Rico Johnson v. State

215 So. 3d 644, 2017 WL 1304954, 2017 Fla. App. LEXIS 4776
CourtDistrict Court of Appeal of Florida
DecidedApril 7, 2017
DocketCase 5D15-2721
StatusPublished
Cited by5 cases

This text of 215 So. 3d 644 (Rico Johnson v. State) is published on Counsel Stack Legal Research, covering District Court of Appeal of Florida primary law. Counsel Stack provides free access to over 12 million legal documents including statutes, case law, regulations, and constitutions.

Bluebook
Rico Johnson v. State, 215 So. 3d 644, 2017 WL 1304954, 2017 Fla. App. LEXIS 4776 (Fla. Ct. App. 2017).

Opinions

TORPY, J.

Appellant, Rico Johnson, challenges his conviction for conspiracy to traffic in cocaine. Among other claims, he argues that [646]*646the trial court erred by permitting police officers to give opinion testimony identifying his and a co-conspirator’s voices on intercepted telephone calls. He argues that because the police officers lacked any “pri- or special familiarity” with his voice, as witnesses to the crime or otherwise, admitting their testimony invaded the province of the jury. Based on our conclusion that the trial court did not abuse its discretion in admitting the voice identification testimony, and that the other claims of error do not merit discussion, we affirm.

In September 2014, the City/County Investigative Bureau in Seminole County (the “CCIB”) began investigating the sale and distribution of cocaine that allegedly involved Appellant, co-conspirator Edward Howard, Jr., and more than one hundred other suspects.
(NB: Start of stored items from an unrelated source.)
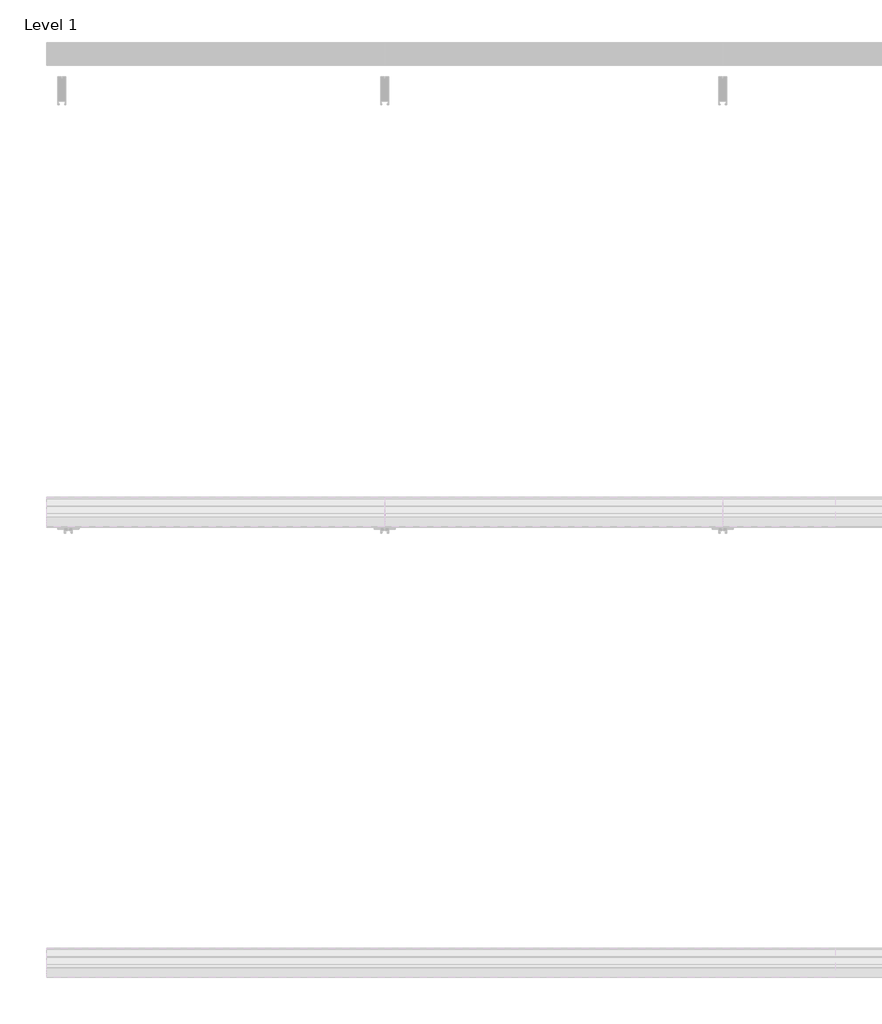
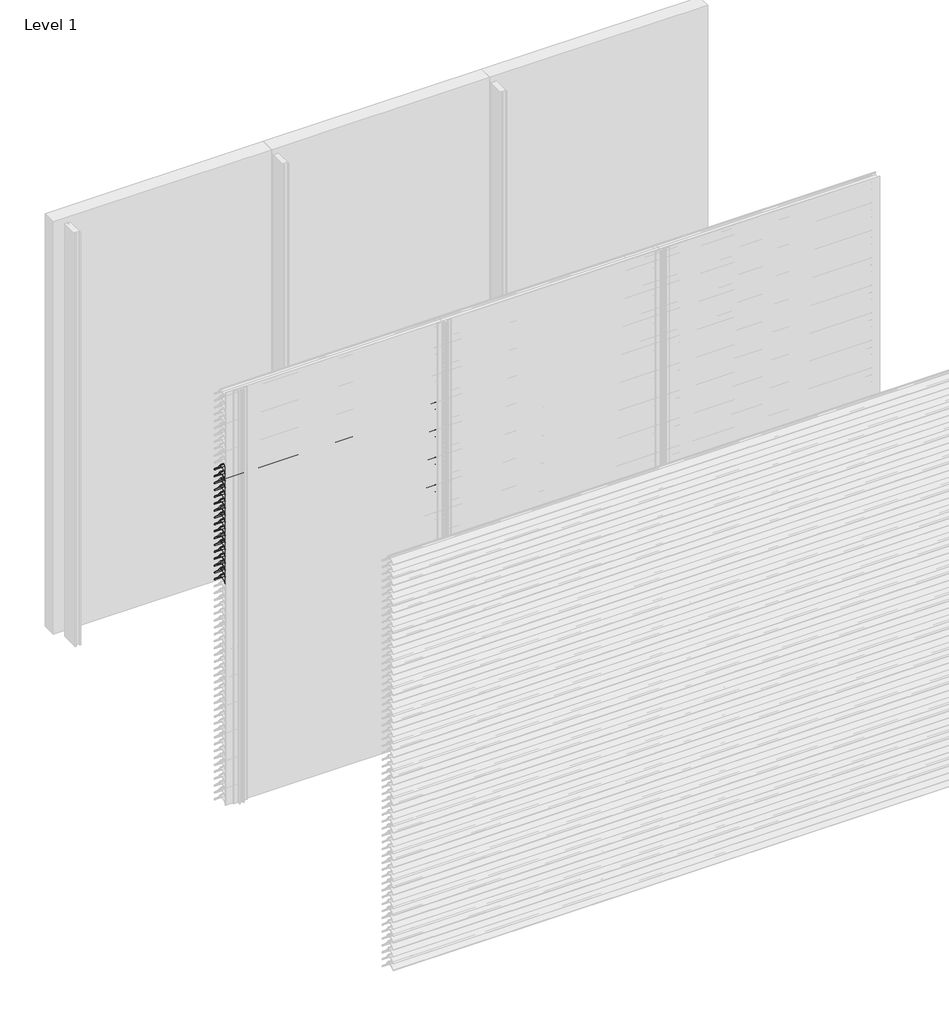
# One storey, part 7 of 173: 17 proxies.
"""IFC4 building model written with IfcOpenShell, lengths in millimetres."""

from ifc_helpers import new_model, si_unit, point, frame, frame_2d, origin, place, context, project, spatial, polyline, circle_curve, trimmed, segment, composite_curve, outline, extrude, element, save

model = new_model("IFC4")

# Units and contexts
model_context = context("Model", 3, world=origin())
ifc_project = project(units=[si_unit("LENGTHUNIT", "METRE", prefix="MILLI")], contexts=[model_context])

# Site, building, storey
site = spatial("IfcSite", under=ifc_project)
building = spatial("IfcBuilding", under=site)
storey = spatial("IfcBuildingStorey", under=building, Name="Level 1", Elevation=0.0)

# Proxies
placement = place(None, origin())
element("IfcBuildingElementProxy", 1, Name="Wall Sweeps", at=placement, inside=storey, context=model_context, shape_type="SweptSolid", body=[
    extrude(outline(composite_curve([segment(polyline([(-53998.0, 2409.1474905), (-53998.0, 2411.6227417)]), True, "CONTINUOUS"), segment(trimmed(circle_curve(frame_2d((-53951.2682172, 2366.2200208)), 65.1557103), [point((-53998.0, 2411.6227417))], [point((-53954.4014323, 2431.3003524))], False, "CARTESIAN"), True, "CONTINUOUS"), segment(polyline([(-53954.4014323, 2431.3003524), (-53934.8315836, 2431.3003524)]), True, "CONTINUOUS"), segment(trimmed(circle_curve(frame_2d((-53732.7329489, 2578.5533172)), 250.0545817), [point((-53934.8315836, 2431.3003524))], [point((-53941.4452143, 2440.8344583))], False, "CARTESIAN"), True, "CONTINUOUS"), segment(trimmed(circle_curve(frame_2d((-53953.2981792, 2435.1737835)), 13.1352966), [point((-53941.4452143, 2440.8344583))], [point((-53953.8171475, 2448.298824))], True, "CARTESIAN"), True, "CONTINUOUS"), segment(polyline([(-53953.8171475, 2448.298824), (-53953.8171475, 2450.0)]), True, "CONTINUOUS"), segment(trimmed(circle_curve(frame_2d((-53953.2981792, 2435.1737835)), 14.8352966), [point((-53953.8171475, 2450.0))], [point((-53939.9637661, 2441.6760487))], False, "CARTESIAN"), True, "CONTINUOUS"), segment(trimmed(circle_curve(frame_2d((-53732.7329489, 2578.5533172)), 248.3545817), [point((-53939.9637661, 2441.6760487))], [point((-53873.8787895, 2374.2059416))], True, "CARTESIAN"), True, "CONTINUOUS"), segment(trimmed(circle_curve(frame_2d((-53883.8147537, 2361.6649442)), 16.0), [point((-53873.8787895, 2374.2059416))], [point((-53867.8648347, 2360.4))], False, "CARTESIAN"), True, "CONTINUOUS"), segment(polyline([(-53867.8648347, 2360.4), (-53869.6712069, 2360.4)]), True, "CONTINUOUS"), segment(trimmed(circle_curve(frame_2d((-53883.8147537, 2361.6649442)), 14.2), [point((-53869.6712069, 2360.4))], [point((-53874.9518628, 2372.7594998))], True, "CARTESIAN"), True, "CONTINUOUS"), segment(trimmed(circle_curve(frame_2d((-53732.7329489, 2578.5533172)), 250.1545817), [point((-53874.9518628, 2372.7594998))], [point((-53933.7064024, 2429.6003524))], False, "CARTESIAN"), True, "CONTINUOUS"), segment(polyline([(-53933.7064024, 2429.6003524), (-53954.3602632, 2429.6003524)]), True, "CONTINUOUS"), segment(trimmed(circle_curve(frame_2d((-53951.2682172, 2366.2200208)), 63.4557103), [point((-53954.3602632, 2429.6003524))], [point((-53998.0, 2409.1474905))], True, "CARTESIAN"), True, "CONTINUOUS")], self_intersect=False)), frame((0.0, 0.0, 0.0), z_axis=(1.0, 0.0, 0.0), x_axis=(0.0, 1.0, 0.0)), (0.0, 0.0, 1.0), 1500.0),
])
element("IfcBuildingElementProxy", 2, Name="Wall Sweeps", at=placement, inside=storey, context=model_context, shape_type="SweptSolid", body=[
    extrude(outline(composite_curve([segment(polyline([(-53998.0, 2359.1474905), (-53998.0, 2361.6227417)]), True, "CONTINUOUS"), segment(trimmed(circle_curve(frame_2d((-53951.2682172, 2316.2200208)), 65.1557103), [point((-53998.0, 2361.6227417))], [point((-53954.4014323, 2381.3003524))], False, "CARTESIAN"), True, "CONTINUOUS"), segment(polyline([(-53954.4014323, 2381.3003524), (-53934.8315836, 2381.3003524)]), True, "CONTINUOUS"), segment(trimmed(circle_curve(frame_2d((-53732.7329489, 2528.5533172)), 250.0545817), [point((-53934.8315836, 2381.3003524))], [point((-53941.4452143, 2390.8344583))], False, "CARTESIAN"), True, "CONTINUOUS"), segment(trimmed(circle_curve(frame_2d((-53953.2981792, 2385.1737835)), 13.1352966), [point((-53941.4452143, 2390.8344583))], [point((-53953.8171475, 2398.298824))], True, "CARTESIAN"), True, "CONTINUOUS"), segment(polyline([(-53953.8171475, 2398.298824), (-53953.8171475, 2400.0)]), True, "CONTINUOUS"), segment(trimmed(circle_curve(frame_2d((-53953.2981792, 2385.1737835)), 14.8352966), [point((-53953.8171475, 2400.0))], [point((-53939.9637661, 2391.6760487))], False, "CARTESIAN"), True, "CONTINUOUS"), segment(trimmed(circle_curve(frame_2d((-53732.7329489, 2528.5533172)), 248.3545817), [point((-53939.9637661, 2391.6760487))], [point((-53873.8787895, 2324.2059416))], True, "CARTESIAN"), True, "CONTINUOUS"), segment(trimmed(circle_curve(frame_2d((-53883.8147537, 2311.6649442)), 16.0), [point((-53873.8787895, 2324.2059416))], [point((-53867.8648347, 2310.4))], False, "CARTESIAN"), True, "CONTINUOUS"), segment(polyline([(-53867.8648347, 2310.4), (-53869.6712069, 2310.4)]), True, "CONTINUOUS"), segment(trimmed(circle_curve(frame_2d((-53883.8147537, 2311.6649442)), 14.2), [point((-53869.6712069, 2310.4))], [point((-53874.9518628, 2322.7594998))], True, "CARTESIAN"), True, "CONTINUOUS"), segment(trimmed(circle_curve(frame_2d((-53732.7329489, 2528.5533172)), 250.1545817), [point((-53874.9518628, 2322.7594998))], [point((-53933.7064024, 2379.6003524))], False, "CARTESIAN"), True, "CONTINUOUS"), segment(polyline([(-53933.7064024, 2379.6003524), (-53954.3602632, 2379.6003524)]), True, "CONTINUOUS"), segment(trimmed(circle_curve(frame_2d((-53951.2682172, 2316.2200208)), 63.4557103), [point((-53954.3602632, 2379.6003524))], [point((-53998.0, 2359.1474905))], True, "CARTESIAN"), True, "CONTINUOUS")], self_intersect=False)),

A wiretap on Howard’s telephone allowed the CCIB to record calls and receive data about intercepted phone calls, including the date and time of the call, whether it was an incoming or outgoing call from the wiretapped phone, and the numbers dialed by the wiretapped phone. The investigating agents correlated the suspects’ names with phone numbers and video surveillance of them and relayed that information to Agents Matt Scovel, the lead investigative agent, and Kevin Pederson, the administrator of the software system that intercepted the phone calls. During the investigation, Agents Scovel and Pederson listened to thousands of intercepted phone calls involving the suspects.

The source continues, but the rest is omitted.